I was very happy with this beautiful gold result. untill I decanted my waste solution, washed and dried my gold. Then I got this


So I searched the forum and found out that my beaker was dirty, and that I could remove the gold stuck to the beaker with a filter paper. So I did that. I recovered most of the gold. The rest is in the filter and is going to the high value filter pile.
And then to my questions. If I had chosen to skip the filter wiping and just re-refine with hcl-cl and then precipitated again in the same beaker, would I not just run into the same problem? And my second question: Is it not always a good idea to wipe the precipitation vessel with a filter paper to recover additional values?


----------



## Palladium (May 28, 2014)

Yes you could have re-refined it in the same beaker dissolving the gold that was stuck to the beaker.
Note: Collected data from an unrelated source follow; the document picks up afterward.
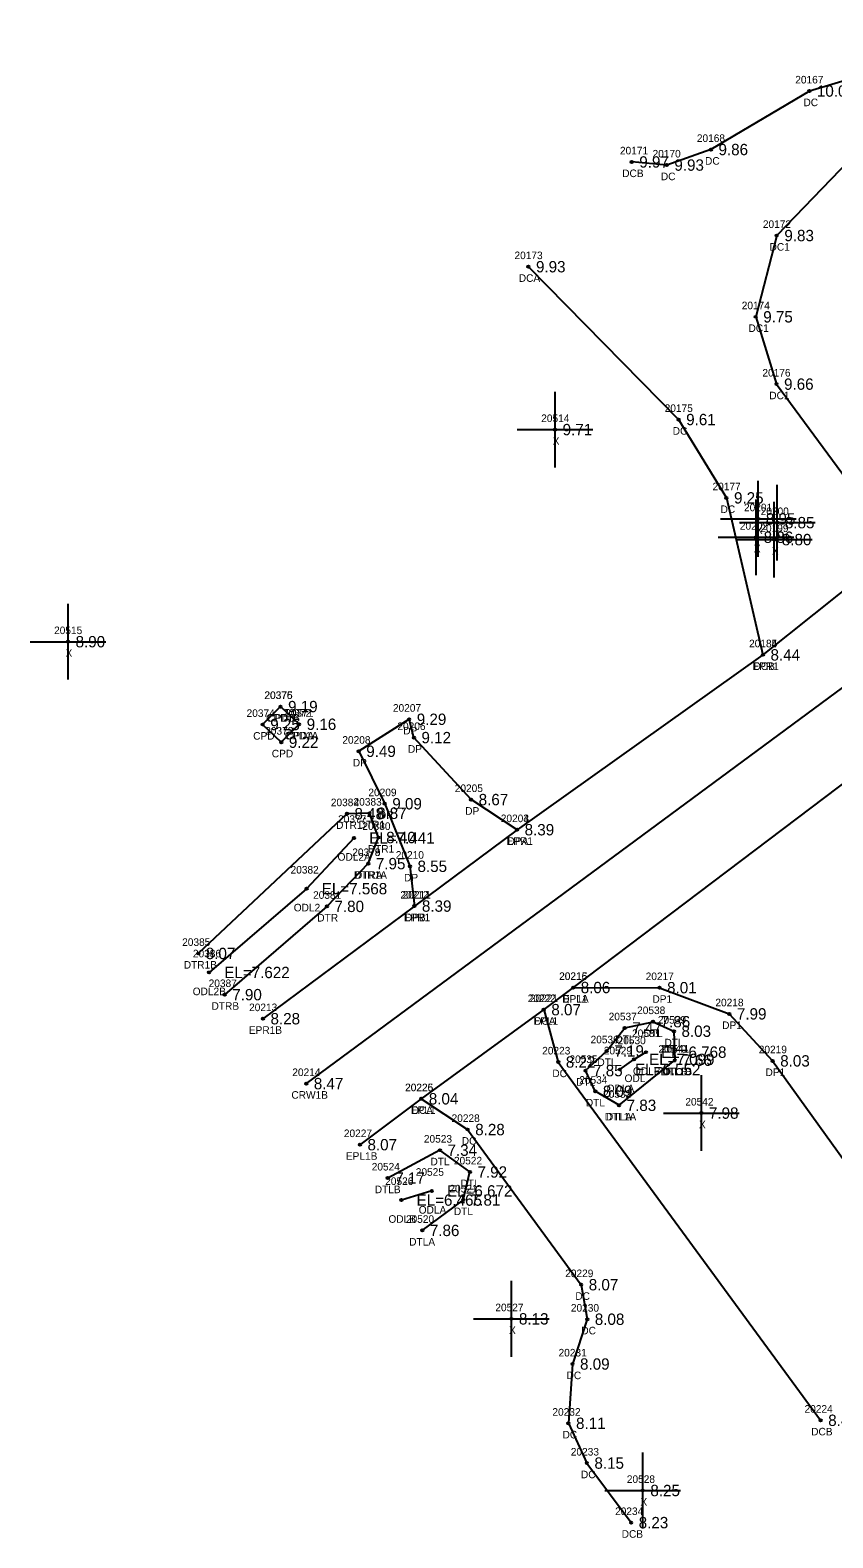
# Model space of a CAD drawing. Extents: x 2608745 to 2610333, y 641917 to 643463.
# Drawn here: x 2608854.6 to 2608960.7, y 642940.8 to 643140 of the extents above; entities that cross this region are included whole.
import ezdxf

# ---------------------------------------------------------------- set-up
doc = ezdxf.new("R2010")
doc.units = 0
for name, color, linetype in [('RD_DTM_BkLn1', 7, 'Continuous'), ('RD_EX_Conc', 7, 'Continuous'), ('RD_EX_Conc_txCode', 7, 'Continuous'), ('RD_EX_Driveway', 7, 'Continuous'), ('RD_EX_Driveway_txCode', 7, 'Continuous'), ('RD_EX_H2O', 7, 'Continuous'), ('RD_EX_H2O_txCode', 7, 'Continuous'), ('RD_EX_Misc', 7, 'Continuous'), ('RD_EX_Misc_txCode', 7, 'Continuous'), ('RD_EX_Road', 7, 'Continuous'), ('RD_EX_Road_txCode', 7, 'Continuous'), ('RD_EX_TX_Conc_ELEV', 7, 'Continuous'), ('RD_EX_TX_Driveway_ELEV', 7, 'Continuous'), ('RD_EX_TX_H2O_ELEV', 7, 'Continuous'), ('RD_EX_TX_Misc_ELEV', 7, 'Continuous'), ('RD_EX_TX_Road_ELEV', 7, 'Continuous'), ('RD_HC_Survey_ELEV', 7, 'Continuous'), ('RD_HC_Survey_txCode', 7, 'Continuous'), ('RD_SMD_Locator', 7, 'Continuous')]:
    doc.layers.add(name, color=color, linetype=linetype)

msp = doc.modelspace()

# ---------------------------------------------------------------- linework, layer by layer
at = {"layer": 'RD_DTM_BkLn1'}
msp.add_lwpolyline([(2609056.24, 643122.81), (2608974.26, 643062.19), (2608891.12, 643000.79)], dxfattribs=at)
at = {"layer": 'RD_EX_Conc'}
msp.add_line((2608890.18, 643048.26), (2608887.72, 643050.6), dxfattribs=at)
for points in [[(2609024.85, 643112.94), (2609016.08, 643116.29), (2609004.89, 643123.89), (2608993.8, 643132.32), (2608984.26, 643135.98), (2608977.64, 643134.66), (2608968.2, 643135.07), (2608957.58, 643131.92), (2608944.58, 643124.19), (2608938.75, 643122.14), (2608934.12, 643122.55)], [(2609007.07, 643099.58), (2609002.03, 643107.42), (2608993.62, 643115.7), (2608984.79, 643122.12), (2608974.31, 643125.61), (2608962.85, 643122.75), (2608953.28, 643112.83), (2608950.49, 643102.09), (2608953.24, 643093.2), (2608962.51, 643080.66), (2608966.87, 643076.38), (2608971.66, 643073.57)], [(2608920.47, 643108.71), (2608940.31, 643088.52), (2608946.63, 643078.17), (2608951.45, 643057.43)], [(2608890.18, 643048.26), (2608887.82, 643045.89), (2608885.36, 643048.23), (2608887.72, 643050.6)], [(2608922.5, 643010.56), (2608924.41, 643003.64), (2608959.07, 642956.31)], [(2608906.31, 642998.78), (2608912.44, 642994.72), (2608927.44, 642974.22), (2608928.24, 642969.66), (2608926.29, 642963.74), (2608925.76, 642955.91), (2608928.19, 642950.65), (2608934.04, 642942.79)]]:
    msp.add_lwpolyline(points, dxfattribs=at)
at = {"layer": 'RD_EX_Driveway'}
for points in [[(2608918.97, 643034.33), (2608912.9, 643038.31), (2608905.34, 643046.5), (2608904.72, 643048.92), (2608898.05, 643044.69), (2608901.49, 643037.76), (2608904.82, 643029.5), (2608905.4, 643024.24)], [(2608926.38, 643013.48), (2608937.79, 643013.46), (2608947.01, 643010), (2608952.73, 643003.79), (2608980.52, 642965.19)]]:
    msp.add_lwpolyline(points, dxfattribs=at)
at = {"layer": 'RD_EX_H2O'}
for p, q in [((2608932.45, 642997.92), (2608939.81, 643003.88)), ((2608907.71, 642986.61), (2608903.69, 642985.4))]:
    msp.add_line(p, q, dxfattribs=at)
for points in [[(2608899.32, 643029.85), (2608900.68, 643033.3), (2608899.48, 643036.51), (2608896.49, 643036.44), (2608876.85, 643017.98)], [(2608897.44, 643033.24), (2608891.17, 643026.54), (2608878.29, 643015.47)], [(2608899.32, 643029.85), (2608893.85, 643024.2), (2608880.35, 643012.54)], [(2608932.45, 642997.92), (2608929.3, 642999.77), (2608928.01, 643002.51), (2608930.82, 643005.11), (2608933.19, 643008.15), (2608936.94, 643008.97), (2608939.69, 643007.71), (2608939.81, 643003.88)], [(2608932.55, 643002.65), (2608934.41, 643003.99), (2608935.99, 643004.94)], [(2608906.45, 642981.39), (2608911.86, 642985.41), (2608912.75, 642989.11), (2608908.78, 642991.99), (2608901.89, 642988.31)]]:
    msp.add_lwpolyline(points, dxfattribs=at)
at = {"layer": 'RD_EX_Misc'}
for p, q in [((2608923.99, 643082.19), (2608923.99, 643092.19)), ((2608918.99, 643087.19), (2608928.99, 643087.19)), ((2608950.83, 643070.4), (2608950.83, 643080.4)), ((2608953.35, 643069.9), (2608953.35, 643079.9)), ((2608950.55, 643067.97), (2608950.55, 643077.97)), ((2608952.95, 643067.66), (2608952.95, 643077.66)), ((2608945.83, 643075.4), (2608955.83, 643075.4)), ((2608948.35, 643074.9), (2608958.35, 643074.9)), ((2608945.55, 643072.97), (2608955.55, 643072.97)), ((2608947.95, 643072.66), (2608957.95, 643072.66)), ((2608859.65, 643054.17), (2608859.65, 643064.17)), ((2608854.65, 643059.17), (2608864.65, 643059.17)), ((2608943.32, 642991.89), (2608943.32, 643001.89)), ((2608938.32, 642996.89), (2608948.32, 642996.89)), ((2608918.22, 642964.71), (2608918.22, 642974.71)), ((2608913.22, 642969.71), (2608923.22, 642969.71)), ((2608935.58, 642942.03), (2608935.58, 642952.03)), ((2608930.58, 642947.03), (2608940.58, 642947.03))]:
    msp.add_line(p, q, dxfattribs=at)
at = {"layer": 'RD_EX_Road'}
for points in [[(2609039.6, 643139.96), (2609040.08, 643133.73), (2609039.13, 643128.33), (2609035.72, 643122.79), (2609029.12, 643116.23), (2609024.85, 643112.94), (2609007.07, 643099.58), (2608971.66, 643073.57), (2608951.45, 643057.43), (2608918.97, 643034.33), (2608905.4, 643024.24), (2608885.4, 643009.36)], [(2609073.88, 643106.95), (2609065.56, 643108.46), (2609056.72, 643107.24), (2609047.16, 643103.56), (2608981.11, 643054.04), (2608966.97, 643044.2), (2608926.38, 643013.48), (2608922.5, 643010.56), (2608906.31, 642998.78), (2608898.21, 642992.72)]]:
    msp.add_lwpolyline(points, dxfattribs=at)
at = {"layer": 'RD_SMD_Locator'}
for centre in [(2608957.58, 643131.92), (2608934.12, 643122.55), (2608944.58, 643124.19), (2608938.75, 643122.14), (2608953.28, 643112.83), (2608920.47, 643108.71), (2608950.49, 643102.09), (2608953.24, 643093.2), (2608940.31, 643088.52), (2608923.99, 643087.19), (2608946.63, 643078.17), (2608950.83, 643075.4), (2608953.35, 643074.9), (2608950.55, 643072.97), (2608952.95, 643072.66), (2608859.65, 643059.17), (2608951.45, 643057.43), (2608951.45, 643057.43), (2608887.72, 643050.6), (2608887.72, 643050.6), (2608904.72, 643048.92), (2608885.36, 643048.23), (2608890.18, 643048.26), (2608890.18, 643048.26), (2608887.82, 643045.89), (2608898.05, 643044.69), (2608905.34, 643046.5), (2608901.49, 643037.76), (2608912.9, 643038.31), (2608896.49, 643036.44), (2608899.48, 643036.51), (2608897.44, 643033.24), (2608900.68, 643033.3), (2608918.97, 643034.33), (2608918.97, 643034.33), (2608899.32, 643029.85), (2608899.32, 643029.85), (2608904.82, 643029.5), (2608891.17, 643026.54), (2608893.85, 643024.2), (2608905.4, 643024.24), (2608905.4, 643024.24), (2608876.85, 643017.98), (2608878.29, 643015.47), (2608926.38, 643013.48), (2608926.38, 643013.48), (2608937.79, 643013.46), (2608880.35, 643012.54), (2608885.4, 643009.36), (2608922.5, 643010.56), (2608922.5, 643010.56), (2608936.94, 643008.97), (2608947.01, 643010), (2608933.19, 643008.15), (2608939.69, 643007.71), (2608930.82, 643005.11), (2608935.99, 643004.94), (2608924.41, 643003.64), (2608934.41, 643003.99), (2608939.81, 643003.88), (2608939.81, 643003.88), (2608952.73, 643003.79), (2608891.12, 643000.79), (2608928.01, 643002.51), (2608932.55, 643002.65), (2608906.31, 642998.78), (2608906.31, 642998.78), (2608929.3, 642999.77), (2608932.45, 642997.92), (2608932.45, 642997.92), (2608943.32, 642996.89), (2608912.44, 642994.72), (2608898.21, 642992.72), (2608908.78, 642991.99), (2608912.75, 642989.11), (2608901.89, 642988.31), (2608903.69, 642985.4), (2608907.71, 642986.61), (2608911.86, 642985.41), (2608906.45, 642981.39), (2608927.44, 642974.22), (2608918.22, 642969.71), (2608928.24, 642969.66), (2608926.29, 642963.74), (2608925.76, 642955.91), (2608959.07, 642956.31), (2608928.19, 642950.65), (2608935.58, 642947.03), (2608934.04, 642942.79)]:
    msp.add_circle(centre, 0.15, dxfattribs=at)

# ---------------------------------------------------------------- texts
at = {"layer": 'RD_EX_Conc_txCode'}
for s, p in [('20167', (2608955.72, 643132.92)), ('DC', (2608956.8, 643129.92)), ('20171', (2608932.56, 643123.55)), ('20168', (2608942.72, 643125.19)), ('20170', (2608936.87, 643123.14)), ('DC', (2608943.8, 643122.19)), ('DCB', (2608932.86, 643120.55)), ('DC', (2608937.97, 643120.14)), ('20172', (2608951.44, 643113.83)), ('20173', (2608918.63, 643109.71)), ('DC1', (2608952.33, 643110.83)), ('DCA', (2608919.2, 643106.71)), ('20174', (2608948.65, 643103.09)), ('DC1', (2608949.54, 643100.09)), ('20176', (2608951.38, 643094.2)), ('20175', (2608938.47, 643089.52)), ('DC1', (2608952.29, 643091.2)), ('DC', (2608939.53, 643086.52)), ('20177', (2608944.79, 643079.17)), ('DC', (2608945.85, 643076.17)), ('20184', (2608949.62, 643058.43)), ('DCB', (2608950.2, 643055.43)), ('20376', (2608885.58, 643051.6)), ('20375', (2608885.61, 643051.6)), ('20374', (2608883.24, 643049.23)), ('CPD1B', (2608885.83, 643048.6)), ('CPDB', (2608886, 643048.6)), ('20372', (2608888.06, 643049.26)), ('20371', (2608888.34, 643049.26)), ('CPD', (2608884.11, 643046.23)), ('20373', (2608885.7, 643046.89)), ('CPD1A', (2608888.27, 643046.26)), ('CPDA', (2608888.44, 643046.26)), ('CPD', (2608886.57, 643043.89)), ('20222', (2608920.38, 643011.56)), ('DCA', (2608921.23, 643008.56)), ('20223', (2608922.29, 643004.64)), ('DC', (2608923.63, 643001.64)), ('20226', (2608904.17, 642999.78)), ('DCA', (2608905.04, 642996.78)), ('20228', (2608910.32, 642995.72)), ('DC', (2608911.66, 642992.72)), ('20229', (2608925.33, 642975.22)), ('DC', (2608926.67, 642972.22)), ('20230', (2608926.08, 642970.66)), ('DC', (2608927.46, 642967.66)), ('20231', (2608924.45, 642964.74)), ('DC', (2608925.51, 642961.74)), ('20232', (2608923.64, 642956.91)), ('20224', (2608956.95, 642957.31)), ('DCB', (2608957.82, 642954.31)), ('DC', (2608924.98, 642953.91)), ('20233', (2608926.07, 642951.65)), ('DC', (2608927.41, 642948.65)), ('20234', (2608931.92, 642943.79)), ('DCB', (2608932.79, 642940.79))]:
    msp.add_text(s, height=1, dxfattribs=at).set_placement(p)
at = {"layer": 'RD_EX_Driveway_txCode'}
for s, p in [('20207', (2608902.57, 643049.92)), ('20208', (2608895.89, 643045.69)), ('20206', (2608903.16, 643047.5)), ('DP', (2608903.94, 643046.92)), ('DP', (2608904.56, 643044.5)), ('DP', (2608897.27, 643042.69)), ('20209', (2608899.33, 643038.76)), ('20205', (2608910.74, 643039.31)), ('DP', (2608900.71, 643035.76)), ('DP', (2608912.12, 643036.31)), ('20204', (2608916.82, 643035.33)), ('DPA', (2608917.7, 643032.33)), ('20210', (2608902.95, 643030.5)), ('DP', (2608904.04, 643027.5)), ('20211', (2608903.85, 643025.24)), ('DPB', (2608904.15, 643022.24)), ('20216', (2608924.52, 643014.48)), ('20217', (2608935.96, 643014.46)), ('DP1A', (2608924.94, 643011.48)), ('DP1', (2608936.85, 643011.46)), ('20218', (2608945.17, 643011)), ('DP1', (2608946.06, 643008)), ('20219', (2608950.9, 643004.79)), ('DP1', (2608951.79, 643001.79))]:
    msp.add_text(s, height=1, dxfattribs=at).set_placement(p)
at = {"layer": 'RD_EX_H2O_txCode'}
for s, p in [('20384', (2608894.37, 643037.44)), ('20383', (2608897.37, 643037.51)), ('DTR1', (2608895.06, 643034.44)), ('20377', (2608895.33, 643035.24)), ('DTR1', (2608898.05, 643034.51)), ('20380', (2608898.53, 643034.3)), ('ODL2A', (2608895.26, 643030.24)), ('20378', (2608897.2, 643030.85)), ('20379', (2608897.2, 643030.85)), ('DTR1', (2608899.25, 643031.3)), ('20382', (2608889.05, 643028.54)), ('DTR1A', (2608897.4, 643027.85)), ('DTRA', (2608897.56, 643027.85)), ('20381', (2608892.02, 643025.2)), ('ODL2', (2608889.47, 643023.54)), ('DTR', (2608892.58, 643022.2)), ('20385', (2608874.73, 643018.98)), ('DTR1B', (2608874.94, 643015.98)), ('20386', (2608876.15, 643017.47)), ('ODL2B', (2608876.12, 643012.47)), ('20387', (2608878.23, 643013.54)), ('DTRB', (2608878.61, 643010.54)), ('20538', (2608934.83, 643009.97)), ('20537', (2608931.07, 643009.15)), ('20539', (2608937.57, 643008.71)), ('20536', (2608928.68, 643006.11)), ('DTL', (2608931.95, 643006.15)), ('20530', (2608932.25, 643005.99)), ('20531', (2608934.16, 643006.94)), ('DTL', (2608935.7, 643006.97)), ('20529', (2608930.43, 643004.65)), ('20540', (2608937.65, 643004.88)), ('20541', (2608937.97, 643004.88)), ('DTL', (2608938.44, 643005.71)), ('20535', (2608925.89, 643003.51)), ('DTL', (2608929.58, 643003.11)), ('ODLB', (2608934.28, 643001.94)), ('DTL1B', (2608937.93, 643001.88)), ('DTLB', (2608938.09, 643001.88)), ('DTL', (2608926.77, 643000.51)), ('20534', (2608927.19, 643000.77)), ('ODL', (2608933.17, 643000.99)), ('20532', (2608930.33, 642998.92)), ('20533', (2608930.33, 642998.92)), ('ODLA', (2608930.81, 642999.65)), ('DTL', (2608928.06, 642997.77)), ('DTL1A', (2608930.55, 642995.92)), ('DTLA', (2608930.72, 642995.92)), ('20523', (2608906.66, 642992.99)), ('DTL', (2608907.53, 642989.99)), ('20522', (2608910.63, 642990.11)), ('20524', (2608899.77, 642989.31)), ('20525', (2608905.59, 642988.61)), ('DTLB', (2608900.17, 642986.31)), ('20526', (2608901.55, 642987.4)), ('20521', (2608910.03, 642986.41)), ('DTL', (2608911.5, 642987.11)), ('ODLB', (2608901.98, 642982.4)), ('20520', (2608904.29, 642982.39)), ('ODLA', (2608905.98, 642983.61)), ('DTL', (2608910.62, 642983.41)), ('DTLA', (2608904.72, 642979.39))]:
    msp.add_text(s, height=1, dxfattribs=at).set_placement(p)
at = {"layer": 'RD_EX_Misc_txCode'}
for s, p in [('20514', (2608922.16, 643088.19)), ('X', (2608923.68, 643085.19)), ('20201', (2608948.95, 643076.4)), ('20200', (2608951.15, 643075.9)), ('20202', (2608948.4, 643073.97)), ('20199', (2608951.11, 643073.66)), ('X', (2608950.51, 643073.4)), ('X', (2608953.03, 643072.9)), ('X', (2608950.24, 643070.97)), ('X', (2608952.63, 643070.66)), ('20515', (2608857.81, 643060.17)), ('X', (2608859.33, 643057.17)), ('20542', (2608941.2, 642997.89)), ('X', (2608943, 642994.89)), ('20527', (2608916.1, 642970.71)), ('X', (2608917.91, 642967.71)), ('20528', (2608933.47, 642948.03)), ('X', (2608935.27, 642945.03))]:
    msp.add_text(s, height=1, dxfattribs=at).set_placement(p)
at = {"layer": 'RD_EX_Road_txCode'}
for s, p in [('20185', (2608949.62, 643058.43)), ('EPR1', (2608950.06, 643055.43)), ('20203', (2608916.82, 643035.33)), ('EPR1', (2608917.58, 643032.33)), ('20212', (2608903.56, 643025.24)), ('EPR1', (2608904, 643022.24)), ('20215', (2608924.54, 643014.48)), ('20213', (2608883.57, 643010.36)), ('20221', (2608920.66, 643011.56)), ('EPL1', (2608925.01, 643011.48)), ('EPL1', (2608921.13, 643008.56)), ('EPR1B', (2608883.54, 643007.36)), ('20225', (2608904.19, 642999.78)), ('EPL1', (2608904.94, 642996.78)), ('20227', (2608896.09, 642993.72)), ('EPL1B', (2608896.36, 642990.72))]:
    msp.add_text(s, height=1, dxfattribs=at).set_placement(p)
at = {"layer": 'RD_EX_TX_Conc_ELEV'}
for s, p in [('10.06', (2608958.58, 643131.17)), ('9.86', (2608945.58, 643123.44)), ('9.97', (2608935.12, 643121.8)), ('9.93', (2608939.75, 643121.39)), ('9.83', (2608954.28, 643112.08)), ('9.93', (2608921.47, 643107.96)), ('9.75', (2608951.49, 643101.34)), ('9.66', (2608954.24, 643092.45)), ('9.61', (2608941.31, 643087.77)), ('9.25', (2608947.63, 643077.42)), ('8.44', (2608952.45, 643056.68)), ('9.19', (2608888.72, 643049.85)), ('9.19', (2608888.72, 643049.85)), ('9.25', (2608886.36, 643047.48)), ('9.16', (2608891.18, 643047.51)), ('9.16', (2608891.18, 643047.51)), ('9.22', (2608888.82, 643045.14)), ('8.07', (2608923.5, 643009.81)), ('8.22', (2608925.41, 643002.89)), ('8.04', (2608907.31, 642998.03)), ('8.28', (2608913.44, 642993.97)), ('8.07', (2608928.44, 642973.47)), ('8.08', (2608929.24, 642968.91)), ('8.09', (2608927.29, 642962.99)), ('8.47', (2608960.07, 642955.56)), ('8.11', (2608926.76, 642955.16)), ('8.15', (2608929.19, 642949.9)), ('8.23', (2608935.04, 642942.04))]:
    msp.add_text(s, height=1.5, dxfattribs=at).set_placement(p)
at = {"layer": 'RD_EX_TX_Driveway_ELEV'}
for s, p in [('9.29', (2608905.72, 643048.17)), ('9.12', (2608906.34, 643045.75)), ('9.49', (2608899.05, 643043.94)), ('8.67', (2608913.9, 643037.56)), ('9.09', (2608902.49, 643037.01)), ('8.39', (2608919.97, 643033.58)), ('8.55', (2608905.82, 643028.75)), ('8.39', (2608906.4, 643023.49)), ('8.06', (2608927.38, 643012.73)), ('8.01', (2608938.79, 643012.71)), ('7.99', (2608948.01, 643009.25)), ('8.03', (2608953.73, 643003.04))]:
    msp.add_text(s, height=1.5, dxfattribs=at).set_placement(p)
at = {"layer": 'RD_EX_TX_H2O_ELEV'}
for s, p in [('8.48', (2608897.49, 643035.69)), ('8.87', (2608900.48, 643035.76)), ('EL=7.441', (2608899.44, 643032.49)), ('8.40', (2608901.68, 643032.55)), ('7.95', (2608900.32, 643029.1)), ('7.95', (2608900.32, 643029.1)), ('EL=7.568', (2608893.17, 643025.79)), ('7.80', (2608894.85, 643023.45)), ('8.07', (2608877.85, 643017.23)), ('EL=7.622', (2608880.29, 643014.72)), ('7.90', (2608881.35, 643011.79)), ('7.47', (2608934.19, 643007.4)), ('7.86', (2608937.94, 643008.22)), ('8.03', (2608940.69, 643006.96)), ('7.19', (2608931.82, 643004.36)), ('EL=6.768', (2608937.99, 643004.19)), ('7.85', (2608929.01, 643001.76)), ('EL=6.552', (2608934.55, 643001.9)), ('EL=7.099', (2608936.41, 643003.24)), ('7.66', (2608940.81, 643003.13)), ('7.66', (2608940.81, 643003.13)), ('8.09', (2608930.3, 642999.02)), ('7.83', (2608933.45, 642997.17)), ('7.83', (2608933.45, 642997.17)), ('7.34', (2608909.78, 642991.24)), ('7.17', (2608902.89, 642987.56)), ('7.92', (2608913.75, 642988.36)), ('EL=6.672', (2608909.71, 642985.86)), ('EL=6.465', (2608905.69, 642984.65)), ('7.81', (2608912.86, 642984.66)), ('7.86', (2608907.45, 642980.64))]:
    msp.add_text(s, height=1.5, dxfattribs=at).set_placement(p)
at = {"layer": 'RD_EX_TX_Misc_ELEV'}
for s, p in [('9.71', (2608924.99, 643086.44)), ('8.95', (2608951.83, 643074.65)), ('8.85', (2608954.35, 643074.15)), ('8.86', (2608951.55, 643072.22)), ('8.80', (2608953.95, 643071.91)), ('8.90', (2608860.65, 643058.42)), ('7.98', (2608944.32, 642996.14)), ('8.13', (2608919.22, 642968.96)), ('8.25', (2608936.58, 642946.28))]:
    msp.add_text(s, height=1.5, dxfattribs=at).set_placement(p)
at = {"layer": 'RD_EX_TX_Road_ELEV'}
for s, p in [('8.44', (2608952.45, 643056.68)), ('8.39', (2608919.97, 643033.58)), ('8.39', (2608906.4, 643023.49)), ('8.06', (2608927.38, 643012.73)), ('8.07', (2608923.5, 643009.81)), ('8.28', (2608886.4, 643008.61)), ('8.04', (2608907.31, 642998.03)), ('8.07', (2608899.21, 642991.97))]:
    msp.add_text(s, height=1.5, dxfattribs=at).set_placement(p)
at = {"layer": 'RD_HC_Survey_ELEV'}
msp.add_text('8.47', height=1.5, dxfattribs=at).set_placement((2608892.12, 643000.04))
at = {"layer": 'RD_HC_Survey_txCode'}
for s, p in [('20214', (2608889.28, 643001.79)), ('CRW1B', (2608889.16, 642998.79))]:
    msp.add_text(s, height=1, dxfattribs=at).set_placement(p)

doc.saveas('drawing.dxf')

Then during the filter stage while the liquid was out of the beaker you could have either cleaned the beaker or switched to a clean beaker.


----------



## 4metals (May 28, 2014)

If your glassware is really dirty this stuff is awesome. http://godax.com/

And for routine cleaning this does an exceptional job. http://www.amazon.com/Alconox-Detergent-Cleaning-Concentrate-Container/dp/B0000WU828

clean glassware is essential to keeping the precipitated gold from adhering to the glass.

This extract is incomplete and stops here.